The little man pulled at the top of his tie, a small blue tie with red polka dots, slightly frayed at the knot. He pulled it straight and repeated as if he had rehearsed it, “Come out in the alley.” The tears filled his thickened red lids. Chuck said, “Ah, shut up,” and followed Miranda, who was running towards the stairs. He overtook her on the sidewalk. “I left him sniveling and shuffling his publicity trying to find the joker,” said Chuck, “the poor old heel.”

Miranda said, “There’s too much of everything in this world just now. I’d like to sit down here on the curb, Chuck, and die, and never again see—I wish I could lose my memory and forget my own name. . . I wish—”

Chuck said, “Tough up, Miranda. This is no time to cave in. Forget that fellow. For every hundred people in show business, there are ninety-nine like him. But you don’t manage right, anyway. You bring it on yourself. All you have to do is play up
the headliners, and you needn’t even mention the also-rans. Try to keep in mind that Rypinsky has got show business cornered in this town; please Rypinsky and you’ll please the advertising department, please them and you’ll get a raise. Hand-in-glove, my poor dumb child, will you never learn?”

“I seem to keep learning all the wrong things,” said Miranda, hopelessly.

“You do for a fact,” Chuck told her cheerfully. “You are as good at it as I ever saw. Now do you feel better?”

“This is a rotten show you’ve invited me to,” said Chuck. “Now what are you going to do about it? If I were writing it up, I’d—”

“Do write it up,” said Miranda. “You write it up this time. I’m getting ready to leave, anyway, but don’t tell anybody yet.”

“You mean it? All my life,” said Chuck, “I’ve yearned to be a so-called dramatic critic on a hick newspaper, and this is positively my first chance.”

“Better take it,” Miranda told him. “It may be your last.” She thought, This is the beginning of the end of something. Something terrible is going to happen to me. I shan’t need bread and butter where I’m going. I’ll will it to Chuck, he has a venerable father to buy hooch for. I hope they let him have it. Oh, Adam, I hope I see you once more before I go under with whatever is the matter with me. “I wish the war were over,” she said to Chuck, as if they had been talking about that. “I wish it were over and I wish it had never begun.”

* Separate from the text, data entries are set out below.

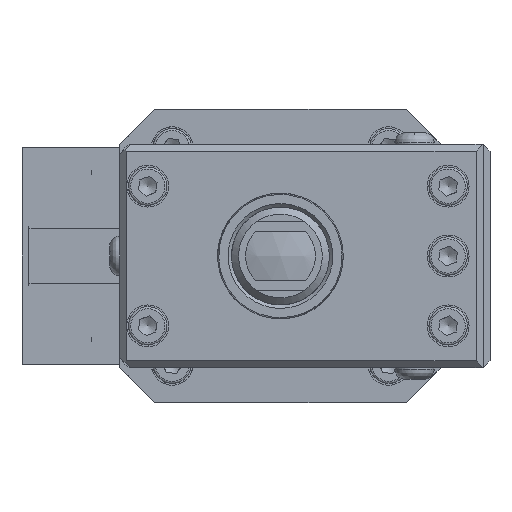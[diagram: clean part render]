
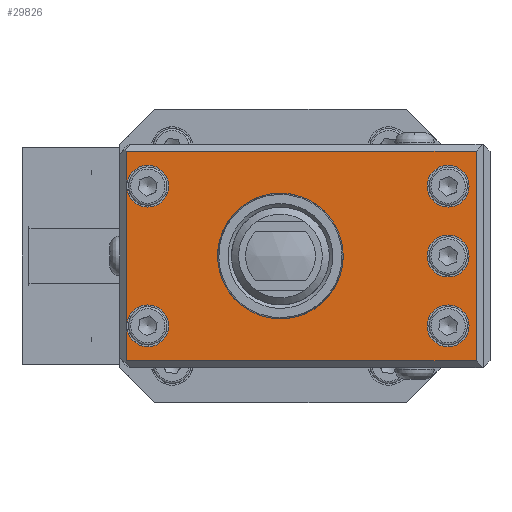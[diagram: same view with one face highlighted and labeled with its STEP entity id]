
A CAD part, left-side view. The second image highlights one B-rep face of the part: STEP entity #29826.
In plain terms, the highlighted planar face has unit normal (-1, 0, 0).
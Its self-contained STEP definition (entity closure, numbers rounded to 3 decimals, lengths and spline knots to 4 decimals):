
#2156=LINE($,#115816,#4017);
#2157=LINE($,#115818,#4018);
#2158=LINE($,#115820,#4019);
#2159=LINE($,#115822,#4020);
#2160=LINE($,#115824,#4021);
#2161=LINE($,#115825,#4022);
#4017=VECTOR($,#38538,0.7874);
#4018=VECTOR($,#38539,0.1969);
#4019=VECTOR($,#38540,1.9685);
#4020=VECTOR($,#38541,1.1811);
#4021=VECTOR($,#38542,1.9685);
#4022=VECTOR($,#38543,0.1969);
#6209=FACE_BOUND($,#9829,.T.);
#6210=FACE_BOUND($,#9830,.T.);
#6211=FACE_BOUND($,#9831,.T.);
#6212=FACE_BOUND($,#9832,.T.);
#6213=FACE_BOUND($,#9833,.T.);
#9829=EDGE_LOOP($,(#25036));
#9830=EDGE_LOOP($,(#25037,#25038,#25039,#25040,#25041,#25042,#25043,#25044));
#9831=EDGE_LOOP($,(#25045));
#9832=EDGE_LOOP($,(#25046));
#9833=EDGE_LOOP($,(#25047));
#10963=CIRCLE($,#32195,0.1181);
#10966=CIRCLE($,#32200,0.1181);
#10968=CIRCLE($,#32204,0.1181);
#10970=CIRCLE($,#32208,0.1181);
#10973=CIRCLE($,#32213,0.1181);
#10975=CIRCLE($,#32217,0.3543);
#13578=VERTEX_POINT($,#115780);
#13581=VERTEX_POINT($,#115788);
#13583=VERTEX_POINT($,#115794);
#13585=VERTEX_POINT($,#115800);
#13588=VERTEX_POINT($,#115808);
#13590=VERTEX_POINT($,#115814);
#13591=VERTEX_POINT($,#115817);
#13592=VERTEX_POINT($,#115819);
#13593=VERTEX_POINT($,#115821);
#13594=VERTEX_POINT($,#115823);
#17453=EDGE_CURVE($,#13578,#13578,#10963,.T.);
#17456=EDGE_CURVE($,#13581,#13581,#10966,.T.);
#17458=EDGE_CURVE($,#13583,#13583,#10968,.T.);
#17460=EDGE_CURVE($,#13585,#13585,#10970,.T.);
#17463=EDGE_CURVE($,#13588,#13588,#10973,.T.);
#17465=EDGE_CURVE($,#13590,#13590,#10975,.T.);
#17466=EDGE_CURVE($,#13578,#13581,#2156,.T.);
#17467=EDGE_CURVE($,#13591,#13578,#2157,.T.);
#17468=EDGE_CURVE($,#13592,#13591,#2158,.T.);
#17469=EDGE_CURVE($,#13593,#13592,#2159,.T.);
#17470=EDGE_CURVE($,#13594,#13593,#2160,.T.);
#17471=EDGE_CURVE($,#13581,#13594,#2161,.T.);
#25036=ORIENTED_EDGE($,*,*,#17465,.T.);
#25037=ORIENTED_EDGE($,*,*,#17456,.T.);
#25038=ORIENTED_EDGE($,*,*,#17466,.F.);
#25039=ORIENTED_EDGE($,*,*,#17453,.T.);
#25040=ORIENTED_EDGE($,*,*,#17467,.F.);
#25041=ORIENTED_EDGE($,*,*,#17468,.F.);
#25042=ORIENTED_EDGE($,*,*,#17469,.F.);
#25043=ORIENTED_EDGE($,*,*,#17470,.F.);
#25044=ORIENTED_EDGE($,*,*,#17471,.F.);
#25045=ORIENTED_EDGE($,*,*,#17458,.T.);
#25046=ORIENTED_EDGE($,*,*,#17460,.T.);
#25047=ORIENTED_EDGE($,*,*,#17463,.T.);
#26499=PLANE($,#32216);
#29826=ADVANCED_FACE($,(#6209,#6210,#6211,#6212,#6213),#26499,.T.);
#32195=AXIS2_PLACEMENT_3D($,#115781,#38492,#38493);
#32200=AXIS2_PLACEMENT_3D($,#115789,#38502,#38503);
#32204=AXIS2_PLACEMENT_3D($,#115795,#38510,#38511);
#32208=AXIS2_PLACEMENT_3D($,#115801,#38518,#38519);
#32213=AXIS2_PLACEMENT_3D($,#115809,#38528,#38529);
#32216=AXIS2_PLACEMENT_3D($,#115813,#38534,#38535);
#32217=AXIS2_PLACEMENT_3D($,#115815,#38536,#38537);
#38492=DIRECTION('center_axis',(1.,0.,0.));
#38493=DIRECTION('ref_axis',(0.,0.,
1.));
#38502=DIRECTION('center_axis',(1.,0.,0.));
#38503=DIRECTION('ref_axis',(0.,0.,
-1.));
#38510=DIRECTION('center_axis',(1.,0.,0.));
#38511=DIRECTION('ref_axis',(0.,0.,
1.));
#38518=DIRECTION('center_axis',(1.,0.,0.));
#38519=DIRECTION('ref_axis',(0.,0.,
1.));
#38528=DIRECTION('center_axis',(1.,0.,0.));
#38529=DIRECTION('ref_axis',(0.,0.,
1.));
#38534=DIRECTION('center_axis',(-1.,0.,0.));
#38535=DIRECTION('ref_axis',(0.,0.,1.));
#38536=DIRECTION('center_axis',(1.,0.,0.));
#38537=DIRECTION('ref_axis',(0.,0.,
-1.));
#38538=DIRECTION($,(0.,0.,1.));
#38539=DIRECTION($,(0.,0.,1.));
#38540=DIRECTION($,(0.,1.,0.));
#38541=DIRECTION($,(0.,0.,-1.));
#38542=DIRECTION($,(0.,-1.,0.));
#38543=DIRECTION($,(0.,0.,1.));
#115780=CARTESIAN_POINT('',(-3.1496,1.0039,-0.3937));
#115781=CARTESIAN_POINT('Origin',(-3.1496,0.8858,-0.3937));
#115788=CARTESIAN_POINT('',(-3.1496,1.0039,0.3937));
#115789=CARTESIAN_POINT('Origin',(-3.1496,0.8858,0.3937));
#115794=CARTESIAN_POINT('',(-3.1496,-0.8071,-0.2756));
#115795=CARTESIAN_POINT('Origin',(-3.1496,-0.8071,-0.3937));
#115800=CARTESIAN_POINT('',(-3.1496,-0.8071,0.1181));
#115801=CARTESIAN_POINT('Origin',(-3.1496,-0.8071,0.));
#115808=CARTESIAN_POINT('',(-3.1496,-0.8071,0.5118));
#115809=CARTESIAN_POINT('Origin',(-3.1496,-0.8071,0.3937));
#115813=CARTESIAN_POINT('Origin',(-3.1496,0.0197,0.));
#115814=CARTESIAN_POINT('',(-3.1496,0.1378,0.3543));
#115815=CARTESIAN_POINT('Origin',(-3.1496,0.1378,0.));
#115816=CARTESIAN_POINT($,(-3.1496,1.0039,0.315));
#115817=CARTESIAN_POINT('',(-3.1496,1.0039,-0.5906));
#115818=CARTESIAN_POINT($,(-3.1496,1.0039,0.315));
#115819=CARTESIAN_POINT('',(-3.1496,-0.9646,-0.5906));
#115820=CARTESIAN_POINT($,(-3.1496,0.5315,-0.5906));
#115821=CARTESIAN_POINT('',(-3.1496,-0.9646,0.5906));
#115822=CARTESIAN_POINT($,(-3.1496,-0.9646,-0.315));
#115823=CARTESIAN_POINT('',(-3.1496,1.0039,0.5906));
#115824=CARTESIAN_POINT($,(-3.1496,-0.4921,0.5906));
#115825=CARTESIAN_POINT($,(-3.1496,1.0039,0.315));

Chuck had got out his pad and pencil and was already writing his review. What she had said seemed safe enough but how would he take it? “I don’t care how it started or when it ends,” said Chuck, scribbling away, “I’m not going to be there.”

All the rejected men talked like that, thought Miranda. War was the one thing they wanted, now they couldn’t have it. Maybe they had wanted badly to go, some of them. All of them had a sidelong eye for the women they talked with about it, a guarded resentment which said, “Don’t pin a white feather on me, you bloodthirsty female. I’ve offered my meat to the crows and they won’t have it.” The worst thing about war for the stay-at-homes is there isn’t anyone to talk to any
more. The Lusk Committee will get you if you don’t watch out. Bread will win the war. Work will win, sugar will win, peach pits will win the war. Nonsense.
Not
nonsense, I tell you, there’s some kind of valuable high explosive to be got out of peach pits. So all the happy housewives hurry during the canning season to lay their baskets of peach pits on the altar of their country. It keeps them busy and makes them feel useful, and all these women running wild with the men away are dangerous, if they aren’t given something to keep their little minds out of mischief. So rows of young girls, the intact cradles of the future, with their pure serious faces framed becomingly in Red Cross wimples, roll cock-eyed bandages that will never reach a base hospital, and knit sweaters that will never warm a manly chest, their minds dwelling lovingly on all the blood and mud and the next dance at the Acanthus Club for the officers of the flying corps. Keeping still and quiet will win the war.